- Activity
Could you restate the data below word for word, without its pictures?

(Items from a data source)
=====
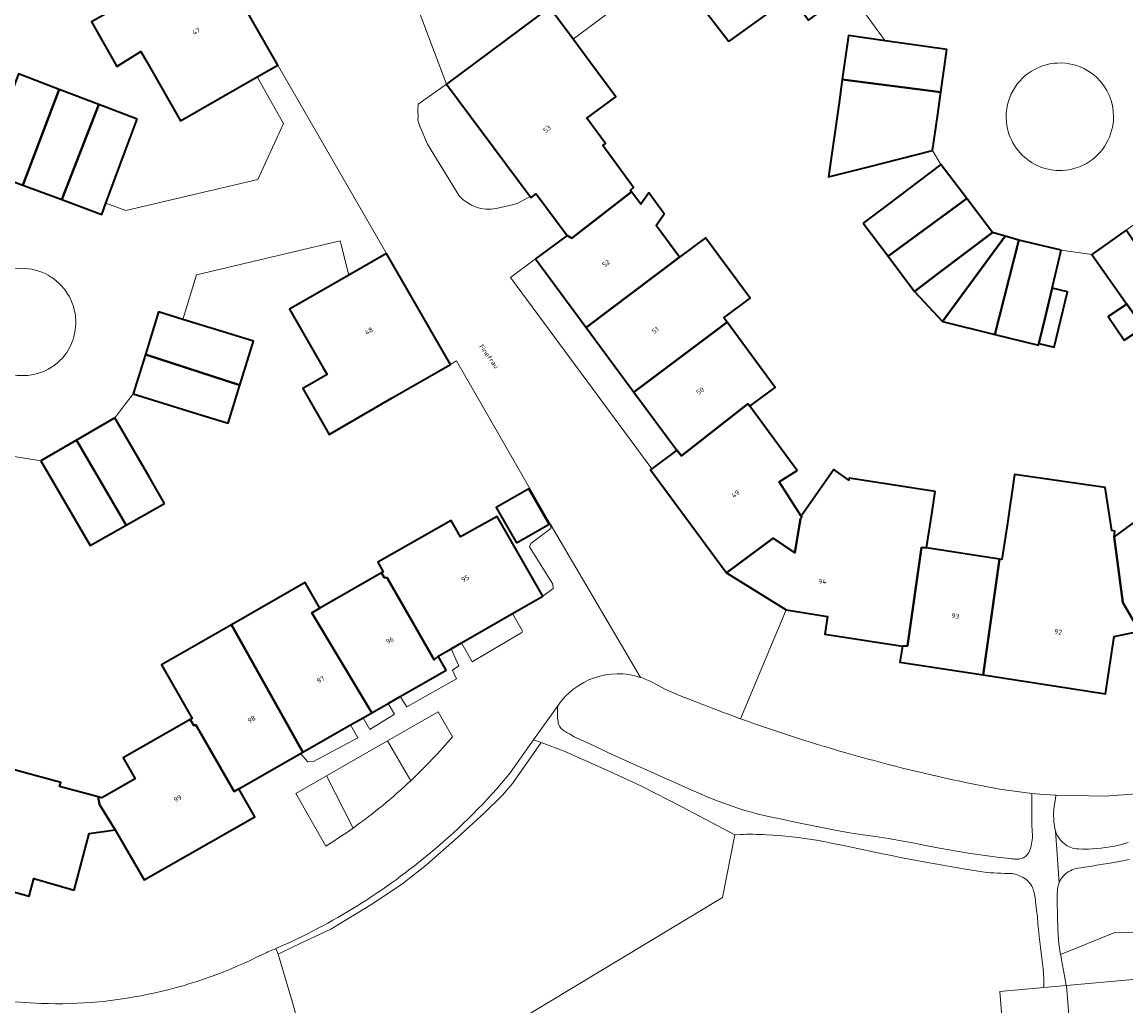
# Model space of a CAD drawing. Header units: metres. Extents: x 197700 to 204338, y 317132 to 325229.
# Tile 743 of 1056: x 203375 to 203457, y 318934 to 319007. Entities that reach past the tile are written whole.
import ezdxf
from ezdxf.enums import TextEntityAlignment as Align

# ---------------------------------------------------------------- set-up
doc = ezdxf.new("R2010")
doc.units = ezdxf.units.M
for name, color, linetype, lineweight in [('B-WE-GR-BEPLANTING_CULTUUR_BOSPLANTSOEN-GV', 90, 'Continuous', 18), ('B-WE-GR-BEPLANTING_CULTUUR_HEESTERS-GV', 90, 'Continuous', 18), ('B-WE-IE-TERREINAFSCHEIDING_KUNSTMATIG_HEKWERK-G', 20, 'IE-TERREINAFSCHEIDING-KUNSTMATIG', 18), ('B-WE-OG-BEBOUWING-GV', 7, 'Continuous', 35), ('B-WE-OG-BEBOUWING-T18', 10, 'Continuous', 18), ('B-WE-OG-TERREIN_CULTUURSCHEIDING-GV', 7, 'Continuous', 18), ('B-WE-OG-TERREIN_ERF-GV', 7, 'Continuous', 18), ('B-WE-OG-TOPOGRAFIE-T18', 10, 'Continuous', 18), ('B-WE-VH-VERHARDING_BETONSTRAATSTEEN-GV', 252, 'Continuous', 18), ('B-WE-VH-VERHARDING_GESLOTEN-GV', 252, 'Continuous', 18)]:
    doc.layers.add(name, color=color, linetype=linetype, lineweight=lineweight)
doc.styles.add('NLCS-ISO-M200-T18', font='NLCS-ISO.ttf', dxfattribs={"height": 0.36})
doc.linetypes.add('IE-TERREINAFSCHEIDING-KUNSTMATIG', pattern='A,4,[82,NLCS.SHX,S=0.75,R=90,X=0,Y=0],4,-2', length=10)

msp = doc.modelspace()

# ---------------------------------------------------------------- linework, layer by layer
at = {"layer": 'B-WE-GR-BEPLANTING_CULTUUR_BOSPLANTSOEN-GV'}
msp.add_lwpolyline([(203467.09, 318936.914), (203469.128, 318937.085), (203469.225, 318935.012), (203479.172, 318935.396), (203475.963, 318936.306), (203473.369, 318937.411), (203467.034, 318939.155), (203463.632, 318939.41), (203455.851, 318939.538), (203451.824, 318937.896), (203451.857, 318937.724), (203451.899, 318937.496), (203452.109, 318936.307), (203452.234, 318935.605), (203452.27, 318935.608), (203462.1, 318936.495)], close=True, dxfattribs=at)
at = {"layer": 'B-WE-GR-BEPLANTING_CULTUUR_HEESTERS-GV'}
for points in [[(203420.709, 318958.437, 0.333569), (203414.57, 318956.321)], [(203421.622, 318958.046, 0.045478), (203420.709, 318958.437)], [(203428.123, 318955.368, -0.012129), (203422.505, 318957.552)], [(203444.904, 318950.62, -0.035301), (203428.123, 318955.368)], [(203403.68, 318950.776, 0.027944), (203406.779, 318954.039)]]:
    msp.add_lwpolyline(points, format="xyb", dxfattribs=at)
for points in [[(203422.505, 318957.552), (203421.622, 318958.046)], [(203406.779, 318954.039), (203405.71, 318955.88), (203401.97, 318953.732), (203403.68, 318950.776)], [(203414.57, 318956.321), (203414.565, 318956.139), (203414.556, 318955.956), (203414.55, 318955.774), (203414.55, 318955.592), (203414.565, 318955.412), (203414.594, 318955.163), (203414.615, 318955.039), (203414.648, 318954.921), (203414.699, 318954.813), (203414.746, 318954.745), (203414.8, 318954.681), (203414.861, 318954.62), (203414.924, 318954.563), (203414.989, 318954.508), (203415.072, 318954.446), (203415.16, 318954.391), (203415.251, 318954.34), (203415.343, 318954.291), (203415.434, 318954.24), (203415.801, 318954.04), (203416.177, 318953.856), (203416.557, 318953.68), (203416.939, 318953.507), (203417.319, 318953.331), (203418.342, 318952.851), (203419.368, 318952.38), (203420.398, 318951.915), (203421.43, 318951.454), (203422.463, 318950.997), (203423.256, 318950.642), (203424.049, 318950.283), (203424.843, 318949.93), (203425.643, 318949.591), (203426.451, 318949.273), (203426.94, 318949.091), (203427.431, 318948.912), (203427.925, 318948.741), (203428.421, 318948.58), (203428.922, 318948.434), (203429.237, 318948.352), (203429.554, 318948.276), (203429.872, 318948.204), (203430.191, 318948.134), (203431.166, 318947.916), (203431.495, 318947.844), (203432.154, 318947.703), (203432.774, 318947.573), (203433.394, 318947.446), (203434.015, 318947.322), (203434.637, 318947.201), (203435.259, 318947.085), (203436.21, 318946.922), (203437.163, 318946.774), (203438.117, 318946.632), (203439.071, 318946.486), (203440.023, 318946.329), (203440.874, 318946.171), (203441.723, 318946.003), (203442.572, 318945.833), (203443.422, 318945.669), (203444.274, 318945.521), (203444.987, 318945.41), (203445.7, 318945.305), (203446.415, 318945.207), (203447.131, 318945.116), (203447.847, 318945.032), (203447.961, 318945.018), (203448.187, 318944.988), (203448.301, 318944.977), (203448.415, 318944.97), (203448.57, 318944.964), (203448.648, 318944.964), (203448.725, 318944.968), (203448.8, 318944.978), (203448.892, 318945), (203448.983, 318945.029), (203449.072, 318945.066), (203449.156, 318945.11), (203449.232, 318945.162), (203449.321, 318945.247), (203449.396, 318945.35), (203449.461, 318945.464), (203449.517, 318945.584), (203449.568, 318945.702), (203449.615, 318945.832), (203449.651, 318945.966), (203449.679, 318946.104), (203449.701, 318946.243), (203449.719, 318946.381), (203449.733, 318946.58), (203449.732, 318946.78), (203449.722, 318946.981), (203449.71, 318947.182), (203449.702, 318947.383), (203449.691, 318948.069), (203449.684, 318948.756), (203449.684, 318949.099), (203449.685, 318949.249), (203449.693, 318949.84), (203447.287, 318950.16), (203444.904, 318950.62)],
=====
- Your response
# Model space of a CAD drawing. Header units: metres. Extents: x 197700 to 204338, y 317132 to 325229.
# Tile 743 of 1056: x 203375 to 203457, y 318934 to 319007. Entities that reach past the tile are written whole.
import ezdxf
from ezdxf.enums import TextEntityAlignment as Align

# ---------------------------------------------------------------- set-up
doc = ezdxf.new("R2010")
doc.units = ezdxf.units.M
for name, color, linetype, lineweight in [('B-WE-GR-BEPLANTING_CULTUUR_BOSPLANTSOEN-GV', 90, 'Continuous', 18), ('B-WE-GR-BEPLANTING_CULTUUR_HEESTERS-GV', 90, 'Continuous', 18), ('B-WE-IE-TERREINAFSCHEIDING_KUNSTMATIG_HEKWERK-G', 20, 'IE-TERREINAFSCHEIDING-KUNSTMATIG', 18), ('B-WE-OG-BEBOUWING-GV', 7, 'Continuous', 35), ('B-WE-OG-BEBOUWING-T18', 10, 'Continuous', 18), ('B-WE-OG-TERREIN_CULTUURSCHEIDING-GV', 7, 'Continuous', 18), ('B-WE-OG-TERREIN_ERF-GV', 7, 'Continuous', 18), ('B-WE-OG-TOPOGRAFIE-T18', 10, 'Continuous', 18), ('B-WE-VH-VERHARDING_BETONSTRAATSTEEN-GV', 252, 'Continuous', 18), ('B-WE-VH-VERHARDING_GESLOTEN-GV', 252, 'Continuous', 18)]:
    doc.layers.add(name, color=color, linetype=linetype, lineweight=lineweight)
doc.styles.add('NLCS-ISO-M200-T18', font='NLCS-ISO.ttf', dxfattribs={"height": 0.36})
doc.linetypes.add('IE-TERREINAFSCHEIDING-KUNSTMATIG', pattern='A,4,[82,NLCS.SHX,S=0.75,R=90,X=0,Y=0],4,-2', length=10)

msp = doc.modelspace()

# ---------------------------------------------------------------- linework, layer by layer
at = {"layer": 'B-WE-GR-BEPLANTING_CULTUUR_BOSPLANTSOEN-GV'}
msp.add_lwpolyline([(203467.09, 318936.914), (203469.128, 318937.085), (203469.225, 318935.012), (203479.172, 318935.396), (203475.963, 318936.306), (203473.369, 318937.411), (203467.034, 318939.155), (203463.632, 318939.41), (203455.851, 318939.538), (203451.824, 318937.896), (203451.857, 318937.724), (203451.899, 318937.496), (203452.109, 318936.307), (203452.234, 318935.605), (203452.27, 318935.608), (203462.1, 318936.495)], close=True, dxfattribs=at)
at = {"layer": 'B-WE-GR-BEPLANTING_CULTUUR_HEESTERS-GV'}
for points in [[(203420.709, 318958.437, 0.333569), (203414.57, 318956.321)], [(203421.622, 318958.046, 0.045478), (203420.709, 318958.437)], [(203428.123, 318955.368, -0.012129), (203422.505, 318957.552)], [(203444.904, 318950.62, -0.035301), (203428.123, 318955.368)], [(203403.68, 318950.776, 0.027944), (203406.779, 318954.039)]]:
    msp.add_lwpolyline(points, format="xyb", dxfattribs=at)
for points in [[(203422.505, 318957.552), (203421.622, 318958.046)], [(203406.779, 318954.039), (203405.71, 318955.88), (203401.97, 318953.732), (203403.68, 318950.776)], [(203414.57, 318956.321), (203414.565, 318956.139), (203414.556, 318955.956), (203414.55, 318955.774), (203414.55, 318955.592), (203414.565, 318955.412), (203414.594, 318955.163), (203414.615, 318955.039), (203414.648, 318954.921), (203414.699, 318954.813), (203414.746, 318954.745), (203414.8, 318954.681), (203414.861, 318954.62), (203414.924, 318954.563), (203414.989, 318954.508), (203415.072, 318954.446), (203415.16, 318954.391), (203415.251, 318954.34), (203415.343, 318954.291), (203415.434, 318954.24), (203415.801, 318954.04), (203416.177, 318953.856), (203416.557, 318953.68), (203416.939, 318953.507), (203417.319, 318953.331), (203418.342, 318952.851), (203419.368, 318952.38), (203420.398, 318951.915), (203421.43, 318951.454), (203422.463, 318950.997), (203423.256, 318950.642), (203424.049, 318950.283), (203424.843, 318949.93), (203425.643, 318949.591), (203426.451, 318949.273), (203426.94, 318949.091), (203427.431, 318948.912), (203427.925, 318948.741), (203428.421, 318948.58), (203428.922, 318948.434), (203429.237, 318948.352), (203429.554, 318948.276), (203429.872, 318948.204), (203430.191, 318948.134), (203431.166, 318947.916), (203431.495, 318947.844), (203432.154, 318947.703), (203432.774, 318947.573), (203433.394, 318947.446), (203434.015, 318947.322), (203434.637, 318947.201), (203435.259, 318947.085), (203436.21, 318946.922), (203437.163, 318946.774), (203438.117, 318946.632), (203439.071, 318946.486), (203440.023, 318946.329), (203440.874, 318946.171), (203441.723, 318946.003), (203442.572, 318945.833), (203443.422, 318945.669), (203444.274, 318945.521), (203444.987, 318945.41), (203445.7, 318945.305), (203446.415, 318945.207), (203447.131, 318945.116), (203447.847, 318945.032), (203447.961, 318945.018), (203448.187, 318944.988), (203448.301, 318944.977), (203448.415, 318944.97), (203448.57, 318944.964), (203448.648, 318944.964), (203448.725, 318944.968), (203448.8, 318944.978), (203448.892, 318945), (203448.983, 318945.029), (203449.072, 318945.066), (203449.156, 318945.11), (203449.232, 318945.162), (203449.321, 318945.247), (203449.396, 318945.35), (203449.461, 318945.464), (203449.517, 318945.584), (203449.568, 318945.702), (203449.615, 318945.832), (203449.651, 318945.966), (203449.679, 318946.104), (203449.701, 318946.243), (203449.719, 318946.381), (203449.733, 318946.58), (203449.732, 318946.78), (203449.722, 318946.981), (203449.71, 318947.182), (203449.702, 318947.383), (203449.691, 318948.069), (203449.684, 318948.756), (203449.684, 318949.099), (203449.685, 318949.249), (203449.693, 318949.84), (203447.287, 318950.16), (203444.904, 318950.62)],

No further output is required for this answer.